**What the task asks**
Transcribe all the records with complete accuracy.

━━━

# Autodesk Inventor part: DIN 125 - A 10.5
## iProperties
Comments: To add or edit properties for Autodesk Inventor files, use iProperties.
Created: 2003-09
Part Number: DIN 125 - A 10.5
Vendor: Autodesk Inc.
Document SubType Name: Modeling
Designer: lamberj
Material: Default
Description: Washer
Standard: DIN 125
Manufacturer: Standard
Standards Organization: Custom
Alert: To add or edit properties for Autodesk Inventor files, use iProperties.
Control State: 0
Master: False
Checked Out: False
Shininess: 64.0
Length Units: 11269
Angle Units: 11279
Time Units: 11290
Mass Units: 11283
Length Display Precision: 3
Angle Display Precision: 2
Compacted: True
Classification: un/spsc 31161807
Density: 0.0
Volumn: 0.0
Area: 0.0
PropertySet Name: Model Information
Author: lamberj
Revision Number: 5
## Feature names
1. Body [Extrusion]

━━━

**Written answer**
# Autodesk Inventor part: DIN 125 - A 10.5
## iProperties
Comments: To add or edit properties for Autodesk Inventor files, use iProperties.
Created: 2003-09
Part Number: DIN 125 - A 10.5
Vendor: Autodesk Inc.
Document SubType Name: Modeling
Designer: lamberj
Material: Default
Description: Washer
Standard: DIN 125
Manufacturer: Standard
Standards Organization: Custom
Alert: To add or edit properties for Autodesk Inventor files, use iProperties.
Control State: 0
Master: False
Checked Out: False
Shininess: 64.0
Length Units: 11269
Angle Units: 11279
Time Units: 11290
Mass Units: 11283
Length Display Precision: 3
Angle Display Precision: 2
Compacted: True
Classification: un/spsc 31161807
Density: 0.0
Volumn: 0.0
Area: 0.0
PropertySet Name: Model Information
Author: lamberj
Revision Number: 5
## Feature names
1. Body [Extrusion]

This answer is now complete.